Model Overview
UCLA-AGI/Mistral7B-PairRM-SPPO is a 7 billion parameter language model developed by UCLA-AGI, building upon the mistralai/Mistral-7B-Instruct-v0.2 architecture. Its core innovation lies in its training methodology: Self-Play Preference Optimization (SPPO), as detailed in the paper "Self-Play Preference Optimization for Language Model Alignment" (arXiv:2405.00675).

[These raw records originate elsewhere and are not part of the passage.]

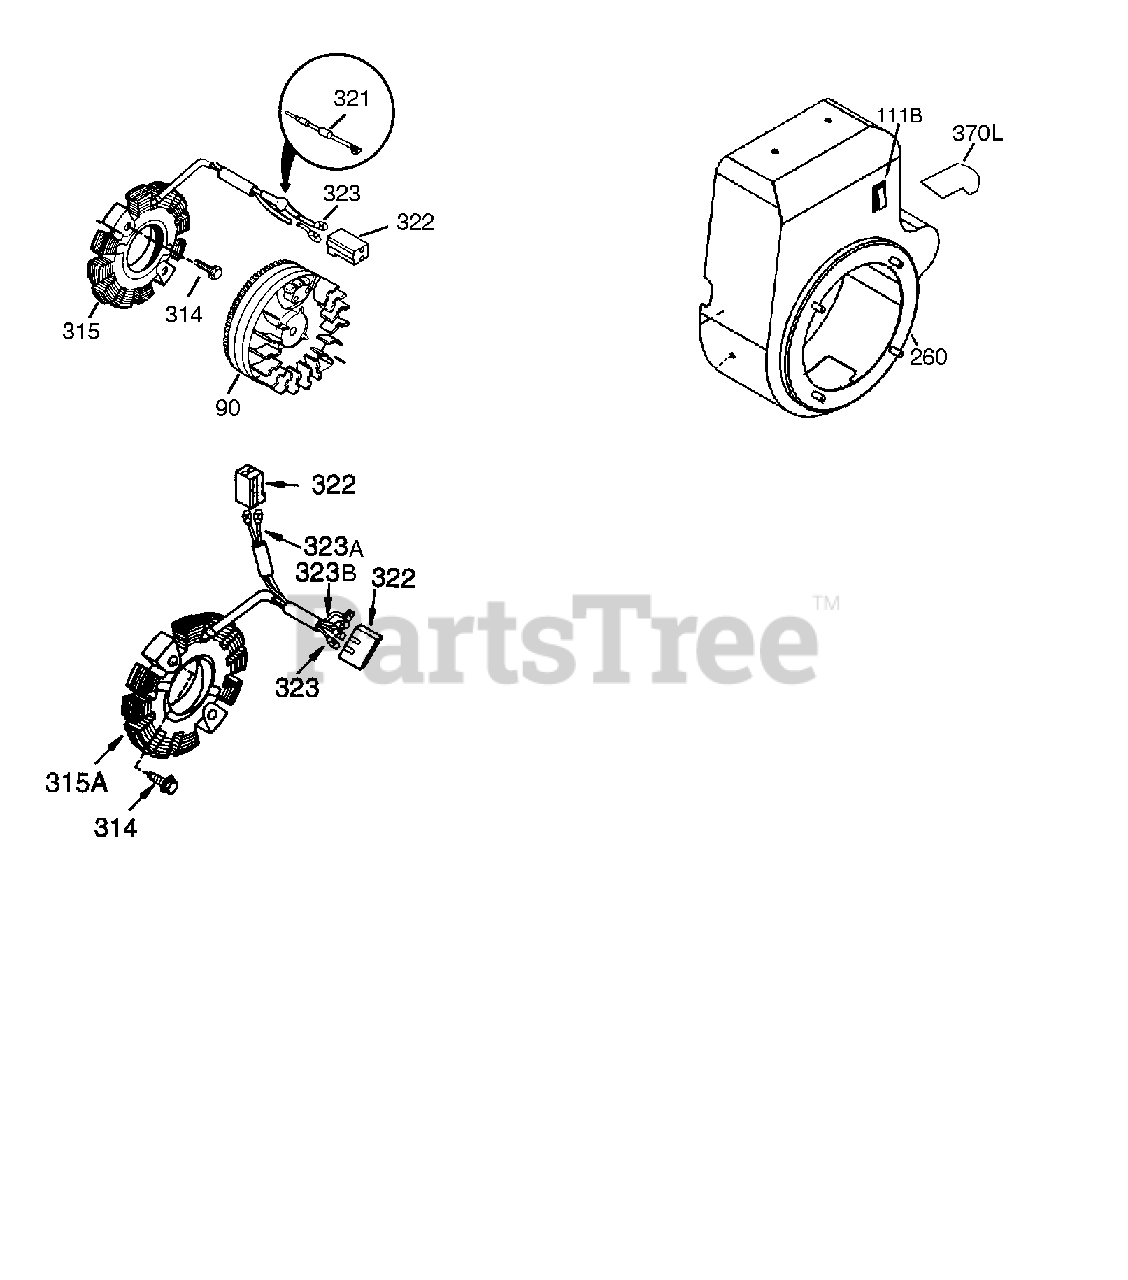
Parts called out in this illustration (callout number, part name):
62	Screw, 8-32 x 3/8"
72A	Oil Drain Plug (Sq. hd., 1/4-18)
90	Flywheel (No Ring Gear)
157A	Rocker Arm Stud/Bearing Kit (incl. re f. 155, 156, & 157)
178	Nut & Lock Washer 1/4-28
178	Nut & Lock Washer, 1/4-20
260	Blower Housing
277A	Screw, 5/16-18 x 4-1/2"
338	Screw, 10-32 x 1/2"
338	Screw, 10-32 x 5/16"
370	Decal - Tecumseh Logo for Top of Reco il Starter
370	Decal - Climate Guard This side out f or use ABOVE 32 Degrees F.
370	Decal - Climate Guard This side out f or use BELOW 32 Degrees F.
370J	Speed Control Decal
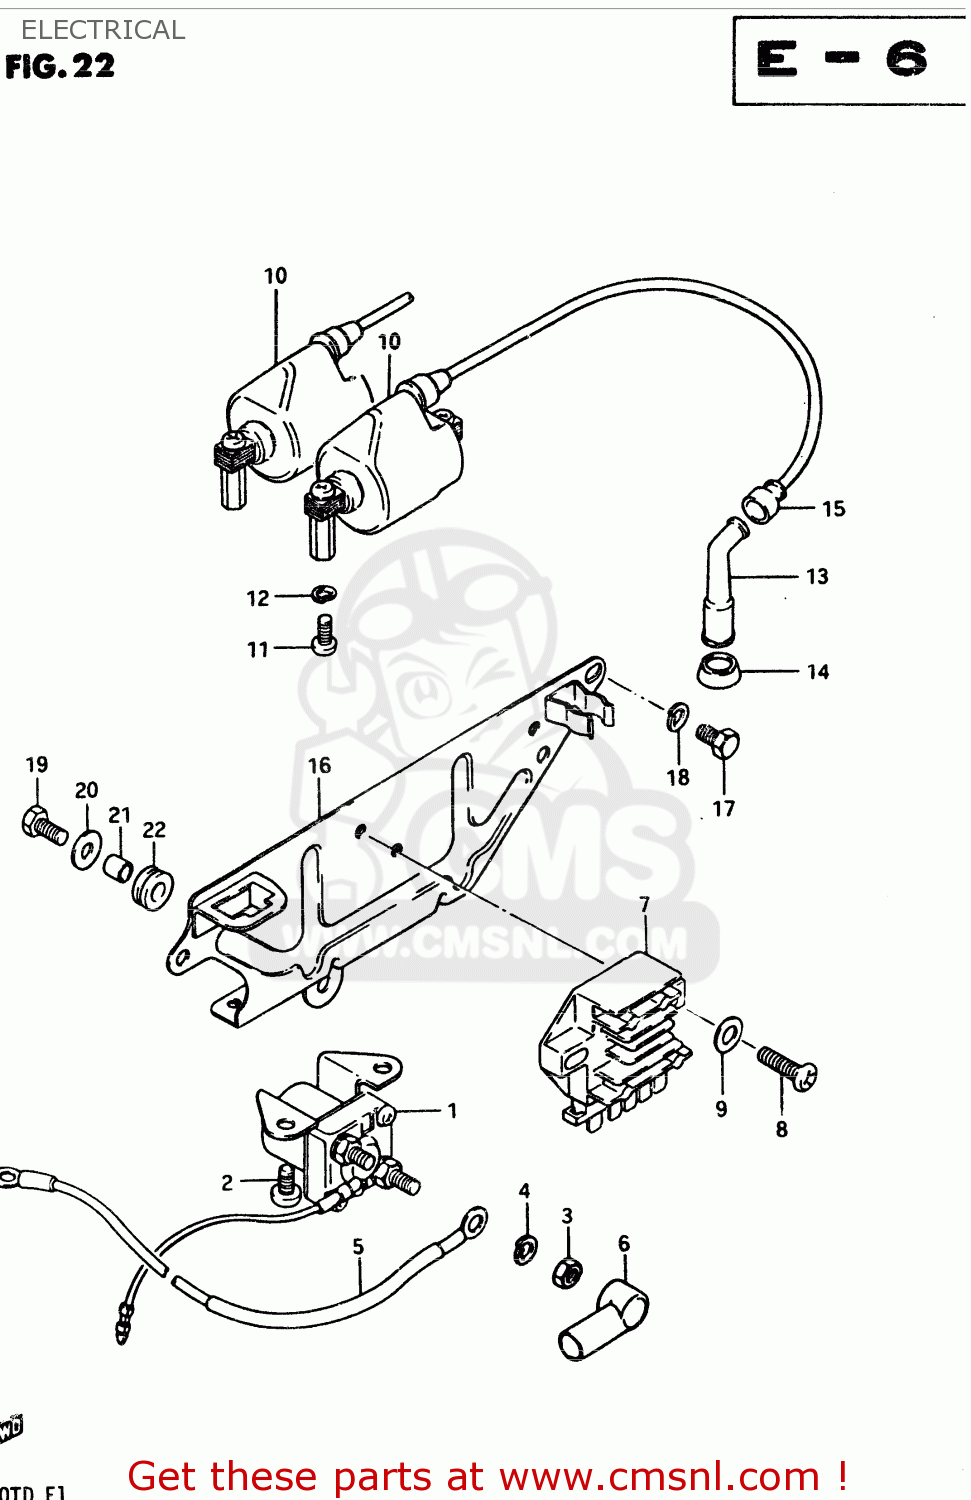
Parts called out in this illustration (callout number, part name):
1	RELAY ASSY,STARTING MOTOR
2	SCREW
3	NUT 6MM
4	LOCK WASHER
5	CORD,BATTERY MINUS
6	CAP,STARTER RELAY
7	RECTIFIER ASSEMBLY
8	SCREW
9	WASHER
10	COIL ASSEMBLY,IGNITION
11	SCREW
12	LOCK WASHER
13	CAP ASSY,SPARK PLUG
14	SEAL,SPARK PLUG
15	SEAL,SPARK PLU
16	HOLDER COMP,ELECTRONIC PARTS
17	BOLT
18	LOCK WASHER
19	BOLT
20	WASHER
21	SPACER (6.1X8X9.5)
22	CUSHION
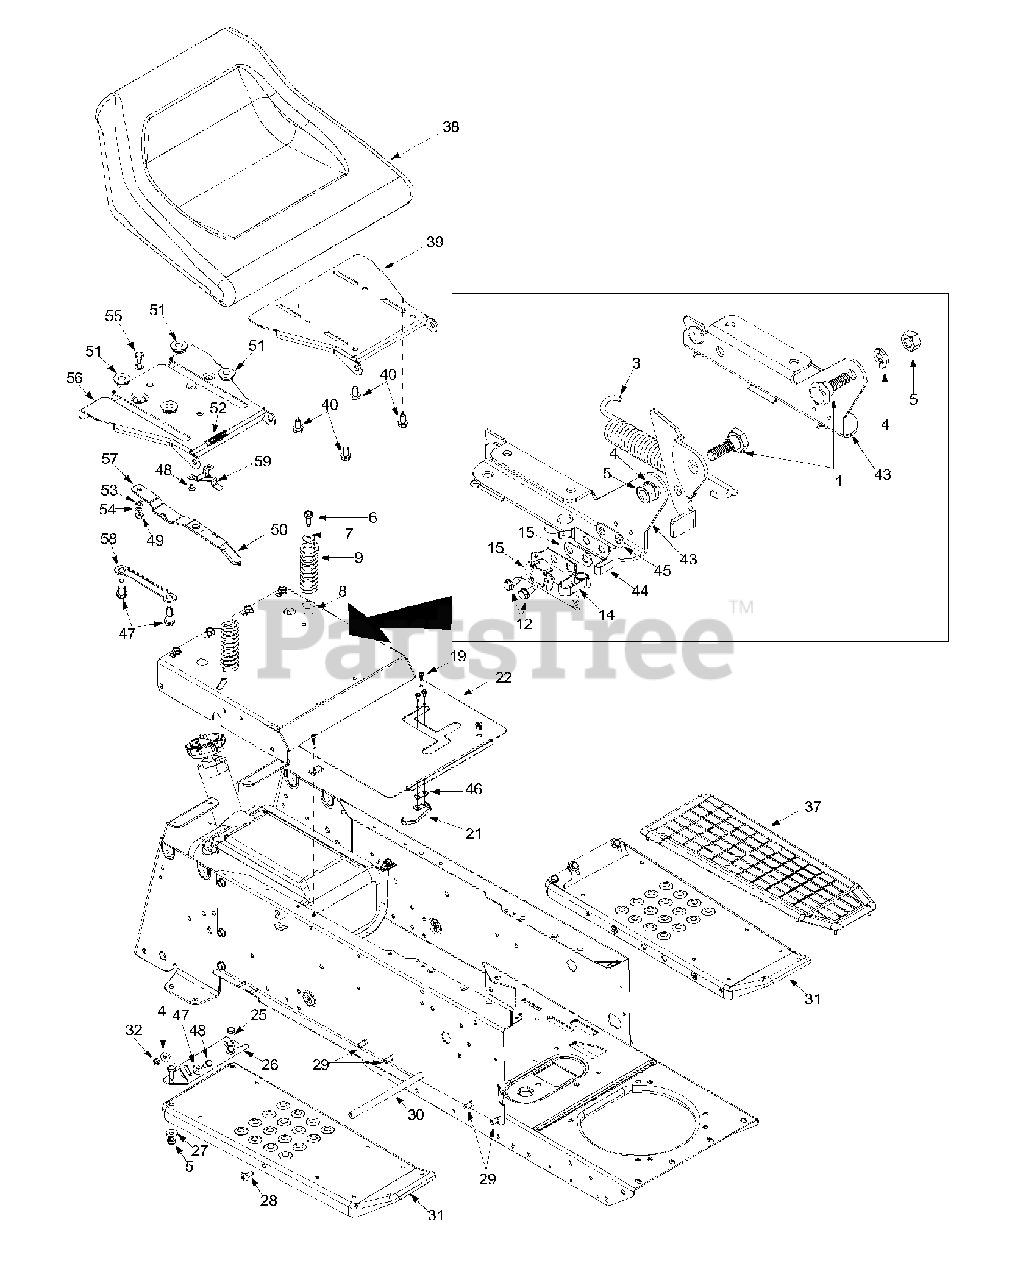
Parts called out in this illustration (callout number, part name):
1	Shld. Bolt .437" Dia. x .162"
3	Ext. Spring 5.31"
4	L-Washer 5/16" I.D.
5	Hex Nut 5/16-18 Thd. (Gr. 5)
6	Hex Wash. Hd. Tap Scr. 5/16 -18 x .7"
7	Flat Washer .344" I.D.
8	Bushing
9	Compression Spring
12	Hx Wash. Hd. AB-Tap Scr. #8 x .5"
14	Spring Switch
15	Insulator Plate
19	Truss Mach. B-Tap Scr.
21	Reverse Safety Switch
25	Hex Bolt 5/16-18 x .75"
28	Truss Mach. Scr. 5/16-18 x .75"
29	Rib Neck Bolt 5/16-24 x .75"
30	Running Board Rod
38	Seat 8-7/8" High
40	Hex Tap Scr. 3/8-16 x .62"
43	Seat Lift Bracket
44	Seat Spring Switch
45	Insulator Boss Plate
46	Insulator Nut Plate
47	Hex Bolt 3/8-16 x 1"
48	Hx Washer B-Tap Scr. #10-16 x .38"
49	Hex Flanged L-Nut 1/4-20 Thd.
50	Seat Adjustable Grip
51	Spacer
52	Compression Spring 1.5"
53	Spring Washer .265" I.D. x .56" O.D.
54	Flat Washer .344" I.D. x .62" O.D.
55	Shld. Bolt .34" x 1/4 -20 Thd.
58	Seat Selector
59	Seat Stop
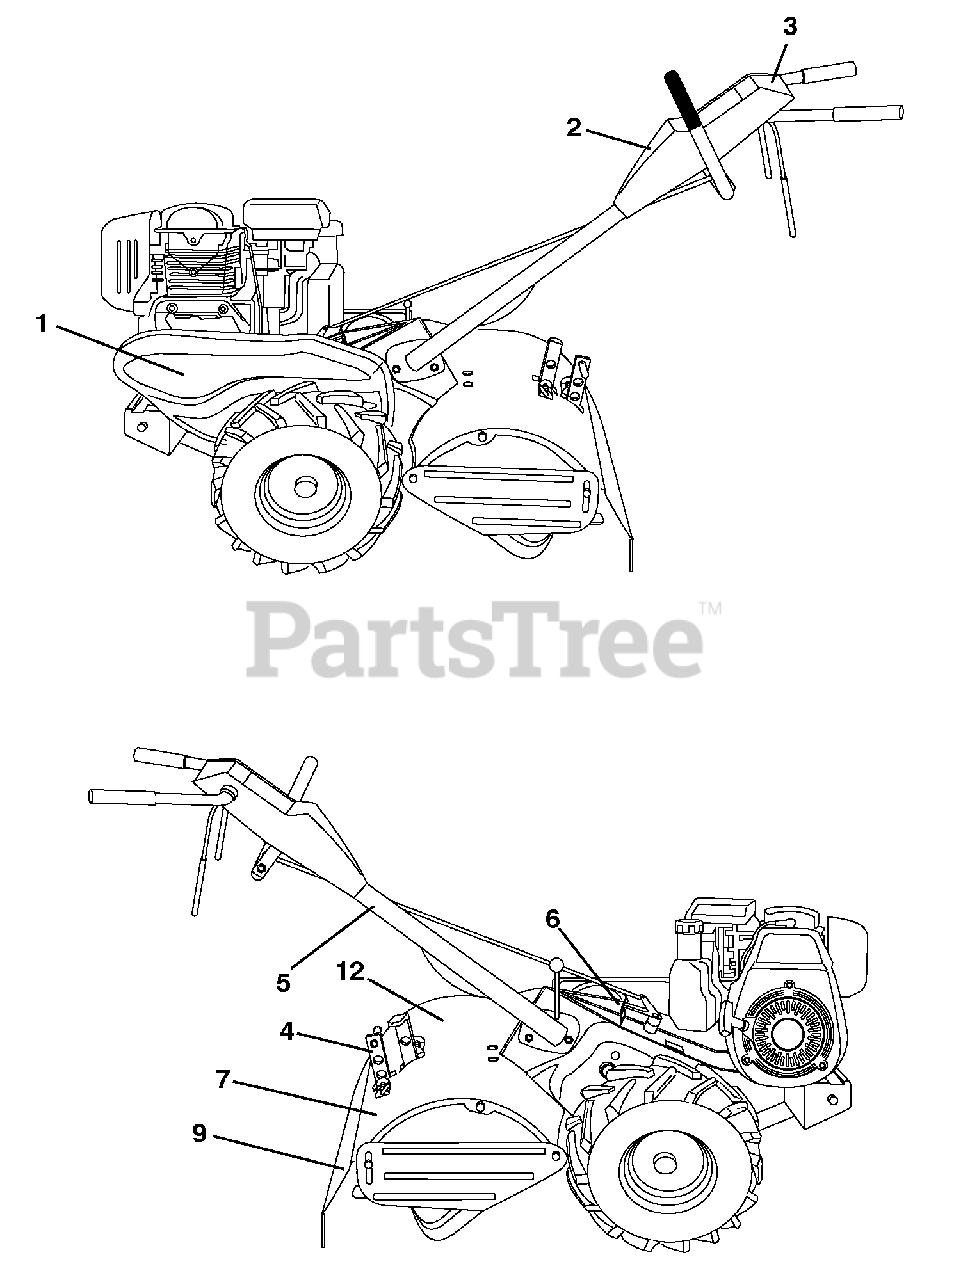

Key Capabilities & Training
- Self-Play Preference Optimization (SPPO): The model was fine-tuned using an iterative SPPO approach, leveraging synthetic responses from the
openbmb/UltraFeedback dataset, processed via snorkelai/Snorkel-Mistral-PairRM-DPO-Dataset. - Enhanced Probability Estimation: During training, it uses three samples (winner, loser, and a random sample) to estimate soft probabilities, which has shown to deliver better performance on AlpacaEval 2.0 compared to the method described in the original paper.
- Synthetic Data Training: All responses used for training are synthetic, indicating a focus on learning from generated, high-quality preference data.
- Performance: On the AlpacaEval Leaderboard, this model achieves a 32.14% Win Rate and a 30.46% LC. Win Rate.
Important Note
The authors recommend referring to the original checkpoint, UCLA-AGI/Mistral7B-PairRM-SPPO-Iter3, as reported in their paper, anticipating more consistent performance across evaluation tasks from that version.